◆ EXERCISE OBJECTIVE
For this exercise, output exactly the lines from the opening line of the listing through the line with "for name, color, linetype, lineweight", skipping pictures.

◆ RECORDS SHOWN
'''

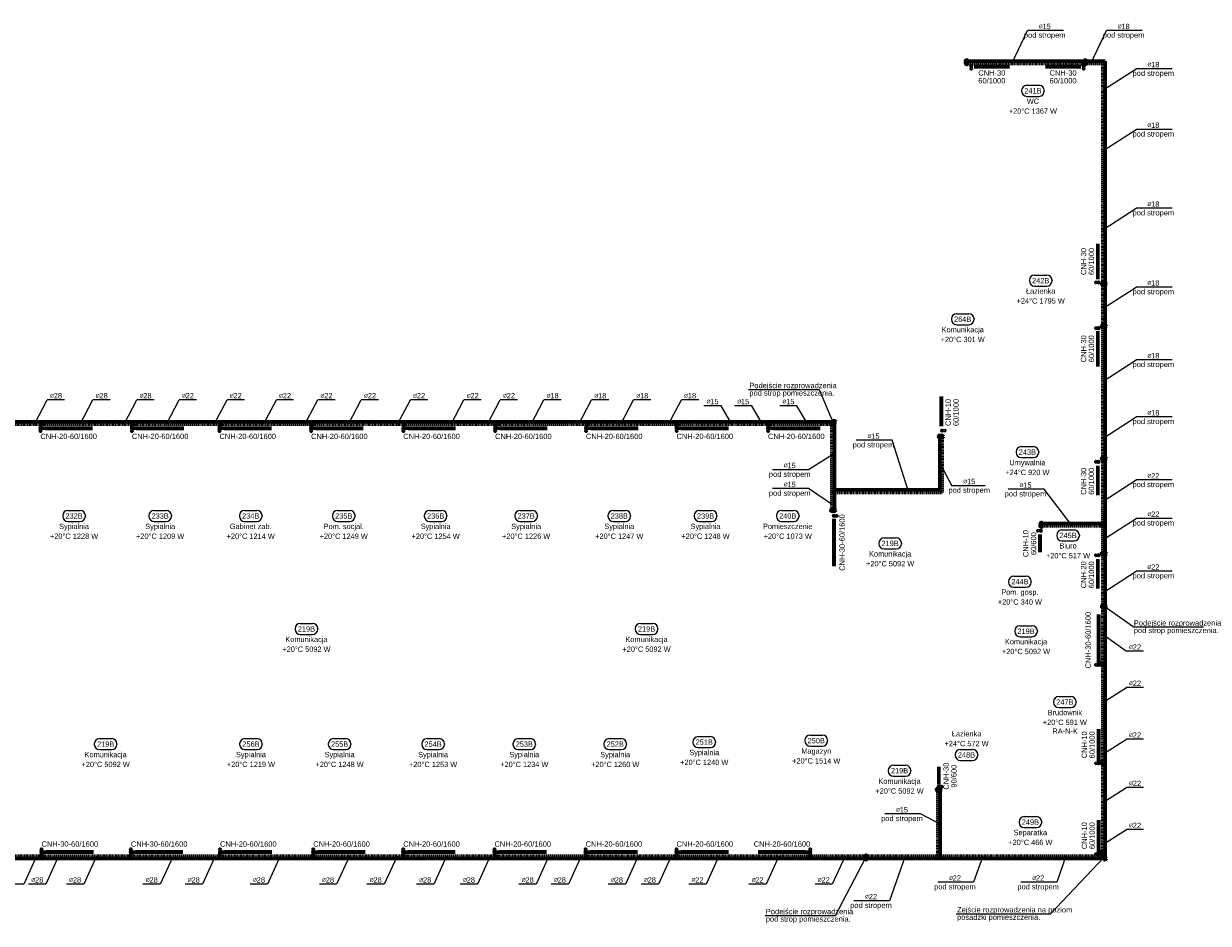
# Model space of a CAD drawing. Header units: millimetres. Extents: x -13172 to 86547, y 20 to 116183.
# Tile 24 of 52: x 49414 to 53390, y 49763 to 52784. Entities that reach past the tile are written whole.
import ezdxf
from ezdxf.enums import TextEntityAlignment as Align

# ---------------------------------------------------------------- set-up
doc = ezdxf.new("R2010")
doc.units = ezdxf.units.MM
doc.header["$LTSCALE"] = 0.7
doc.linetypes.add('CIEPLA', pattern=[5.7625, 3.175, -2.5875])
for name, color, linetype, lineweight in [('____________co_armatura', 7, 'Continuous', 30), ('____________co_grzejniki', 1, 'Continuous', 50), ('____________co_odnośniki', 7, 'Continuous', 15), ('____________co_rury_powrót', 5, 'CIEPLA', 60), ('____________co_rury_zasilanie', 1, 'Continuous', 60), ('ETYKIETY_ARMATURY', 7, 'Continuous', 18), ('ETYKIETY_GRZEJNIKOW', 7, 'Continuous', 18), ('ETYKIETY_POMIESZCZEN', 7, 'Continuous', 18), ('ETYKIETY_PRZEWODOW', 7, 'Continuous', 18)]:
    doc.layers.add(name, color=color, linetype=linetype, lineweight=lineweight)
doc.styles.add('arial', font='arial.ttf', dxfattribs={"width": 0.9})

# ---------------------------------------------------------------- blocks, each defined once
blk = doc.blocks.new('glowica')
at = {"layer": '____________co_armatura'}
for p, q in [((-3, 13.2), (-6, 10.2)), ((-6, 10.2), (-3.6, 0)), ((-6, 10.2), (6, 10.2)), ((-3, 13.2), (3, 13.2)), ((6, 10.2), (3, 13.2)), ((6, 10.2), (3.6, 0))]:
    blk.add_line(p, q, dxfattribs=at)

msp = doc.modelspace()

# ---------------------------------------------------------------- hatches: boundary and pattern name
at = {"layer": '____________co_armatura'}
h = msp.add_hatch(color=256, dxfattribs=at)
edge = h.paths.add_edge_path()
edge.add_arc((52594.371, 52642.136), 4.437, -180, 180, ccw=False)
h = msp.add_hatch(color=256, dxfattribs=at)
edge = h.paths.add_edge_path()
edge.add_arc((52971.469, 52642.136), 4.437, -180, 180, ccw=False)
h = msp.add_hatch(color=256, dxfattribs=at)
edge = h.paths.add_edge_path()
edge.add_arc((53021.584, 51915.413), 4.437, -270, 90, ccw=False)
h = msp.add_hatch(color=256, dxfattribs=at)
edge = h.paths.add_edge_path()
edge.add_arc((53021.584, 51761.739), 4.437, -270, 90, ccw=False)
h = msp.add_hatch(color=256, dxfattribs=at)
edge = h.paths.add_edge_path()
edge.add_arc((49470.612, 51425.527), 4.437, 0, 360)
h = msp.add_hatch(color=256, dxfattribs=at)
edge = h.paths.add_edge_path()
edge.add_arc((49777.584, 51425.527), 4.437, 0, 360)
h = msp.add_hatch(color=256, dxfattribs=at)
edge = h.paths.add_edge_path()
edge.add_arc((50071.584, 51425.527), 4.437, 0, 360)
h = msp.add_hatch(color=256, dxfattribs=at)
edge = h.paths.add_edge_path()
edge.add_arc((50379.084, 51425.527), 4.437, 0, 360)
h = msp.add_hatch(color=256, dxfattribs=at)
edge = h.paths.add_edge_path()
edge.add_arc((50688.584, 51425.527), 4.437, 0, 360)
h = msp.add_hatch(color=256, dxfattribs=at)
edge = h.paths.add_edge_path()
edge.add_arc((50996.584, 51425.527), 4.437, 0, 360)
h = msp.add_hatch(color=256, dxfattribs=at)
edge = h.paths.add_edge_path()
edge.add_arc((51301.584, 51425.527), 4.437, 0, 360)
h = msp.add_hatch(color=256, dxfattribs=at)
edge = h.paths.add_edge_path()
edge.add_arc((51605.584, 51425.527), 4.437, 0, 360)
h = msp.add_hatch(color=256, dxfattribs=at)
edge = h.paths.add_edge_path()
edge.add_arc((51912.584, 51425.527), 4.437, 0, 360)
h = msp.add_hatch(color=256, dxfattribs=at)
edge = h.paths.add_edge_path()
edge.add_arc((52496.096, 51417.695), 4.437, -90, 270, ccw=False)
h = msp.add_hatch(color=256, dxfattribs=at)
edge = h.paths.add_edge_path()
edge.add_arc((53021.584, 51313.061), 4.437, -270, 90, ccw=False)
h = msp.add_hatch(color=256, dxfattribs=at)
edge = h.paths.add_edge_path()
edge.add_arc((52133.614, 51131.409), 4.437, 90, 450)
h = msp.add_hatch(color=256, dxfattribs=at)
edge = h.paths.add_edge_path()
edge.add_arc((52827.552, 51081.546), 4.437, -270, 90, ccw=False)
h = msp.add_hatch(color=256, dxfattribs=at)
edge = h.paths.add_edge_path()
edge.add_arc((53021.584, 50999.061), 4.437, -270, 90, ccw=False)
h = msp.add_hatch(color=256, dxfattribs=at)
edge = h.paths.add_edge_path()
edge.add_arc((53021.584, 50631.502), 4.437, -270, 90, ccw=False)
h = msp.add_hatch(color=256, dxfattribs=at)
edge = h.paths.add_edge_path()
edge.add_arc((53021.584, 50300.527), 4.437, -270, 90, ccw=False)
h = msp.add_hatch(color=256, dxfattribs=at)
edge = h.paths.add_edge_path()
edge.add_arc((52485.293, 50222.753), 4.437, -90, 270, ccw=False)
h = msp.add_hatch(color=256, dxfattribs=at)
edge = h.paths.add_edge_path()
edge.add_arc((49474.084, 50002.527), 4.437, 0, 360, ccw=False)
h = msp.add_hatch(color=256, dxfattribs=at)
edge = h.paths.add_edge_path()
edge.add_arc((49774.084, 50002.527), 4.437, 0, 360, ccw=False)
h = msp.add_hatch(color=256, dxfattribs=at)
edge = h.paths.add_edge_path()
edge.add_arc((50073.084, 50002.527), 4.437, 0, 360, ccw=False)
h = msp.add_hatch(color=256, dxfattribs=at)
edge = h.paths.add_edge_path()
edge.add_arc((50386.084, 50002.527), 4.437, 0, 360, ccw=False)
h = msp.add_hatch(color=256, dxfattribs=at)
edge = h.paths.add_edge_path()
edge.add_arc((50688.084, 50002.527), 4.437, 0, 360, ccw=False)
h = msp.add_hatch(color=256, dxfattribs=at)
edge = h.paths.add_edge_path()
edge.add_arc((50994.084, 50002.527), 4.437, 0, 360, ccw=False)
h = msp.add_hatch(color=256, dxfattribs=at)
edge = h.paths.add_edge_path()
edge.add_arc((51300.084, 50002.527), 4.437, 0, 360, ccw=False)
h = msp.add_hatch(color=256, dxfattribs=at)
edge = h.paths.add_edge_path()
edge.add_arc((51605.084, 50002.527), 4.437, 0, 360, ccw=False)
h = msp.add_hatch(color=256, dxfattribs=at)
edge = h.paths.add_edge_path()
edge.add_arc((52054.092, 50002.527), 4.437, 180, 540)
h = msp.add_hatch(color=256, dxfattribs=at)
edge = h.paths.add_edge_path()
edge.add_arc((53021.584, 49995.527), 4.437, -270, 90, ccw=False)
at = {"layer": '____________co_rury_powrót', "linetype": 'Continuous'}
for points in [[(52574.535, 52650.527, -1), (52582.535, 52650.527, -1)], [(52973.336, 52650.527, -1), (52981.336, 52650.527, -1)], [(53031.584, 51909.552, 1), (53039.584, 51909.552, 1)], [(53031.584, 51767.655, 1), (53039.584, 51767.655, 1)], [(52130.923, 51439.527, -1), (52122.923, 51439.527, -1)], [(52492.584, 51397.943, 1), (52500.584, 51397.943, 1)], [(53031.584, 51323.337, 1), (53039.584, 51323.337, 1)], [(52122.923, 51150.189, 1), (52130.923, 51150.189, 1)], [(52825.44, 51097.527, -1), (52833.44, 51097.527, -1)], [(53031.584, 51003.997, 1), (53039.584, 51003.997, 1)], [(53031.584, 50827.847, 1), (53039.584, 50827.847, 1)], [(52481.584, 50215.831, -1), (52481.584, 50207.831, -1)], [(52236.584, 49988.527, 1), (52244.584, 49988.527, 1)], [(53031.584, 49988.527, 1), (53039.584, 49988.527, 1)]]:
    msp.add_hatch(color=256, dxfattribs=at).paths.add_polyline_path(points)
at = {"layer": '____________co_rury_zasilanie', "linetype": 'Continuous'}
for points in [[(52574.535, 52658.527, -1), (52582.535, 52658.527, -1)], [(52973.336, 52658.527, -1), (52981.336, 52658.527, -1)], [(53039.584, 51909.555, 1), (53047.584, 51909.555, 1)], [(53039.584, 51767.657, 1), (53047.584, 51767.657, 1)], [(52138.923, 51447.527, -1), (52130.923, 51447.527, -1)], [(52484.584, 51397.946, 1), (52492.584, 51397.946, 1)], [(53039.584, 51323.34, 1), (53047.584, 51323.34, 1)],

'''

◆ SOLUTION TO THIS EXERCISE
# Model space of a CAD drawing. Header units: millimetres. Extents: x -13172 to 86547, y 20 to 116183.
# Tile 24 of 52: x 49414 to 53390, y 49763 to 52784. Entities that reach past the tile are written whole.
import ezdxf
from ezdxf.enums import TextEntityAlignment as Align

# ---------------------------------------------------------------- set-up
doc = ezdxf.new("R2010")
doc.units = ezdxf.units.MM
doc.header["$LTSCALE"] = 0.7
doc.linetypes.add('CIEPLA', pattern=[5.7625, 3.175, -2.5875])
for name, color, linetype, lineweight in [('____________co_armatura', 7, 'Continuous', 30), ('____________co_grzejniki', 1, 'Continuous', 50), ('____________co_odnośniki', 7, 'Continuous', 15), ('____________co_rury_powrót', 5, 'CIEPLA', 60), ('____________co_rury_zasilanie', 1, 'Continuous', 60), ('ETYKIETY_ARMATURY', 7, 'Continuous', 18), ('ETYKIETY_GRZEJNIKOW', 7, 'Continuous', 18), ('ETYKIETY_POMIESZCZEN', 7, 'Continuous', 18), ('ETYKIETY_PRZEWODOW', 7, 'Continuous', 18)]:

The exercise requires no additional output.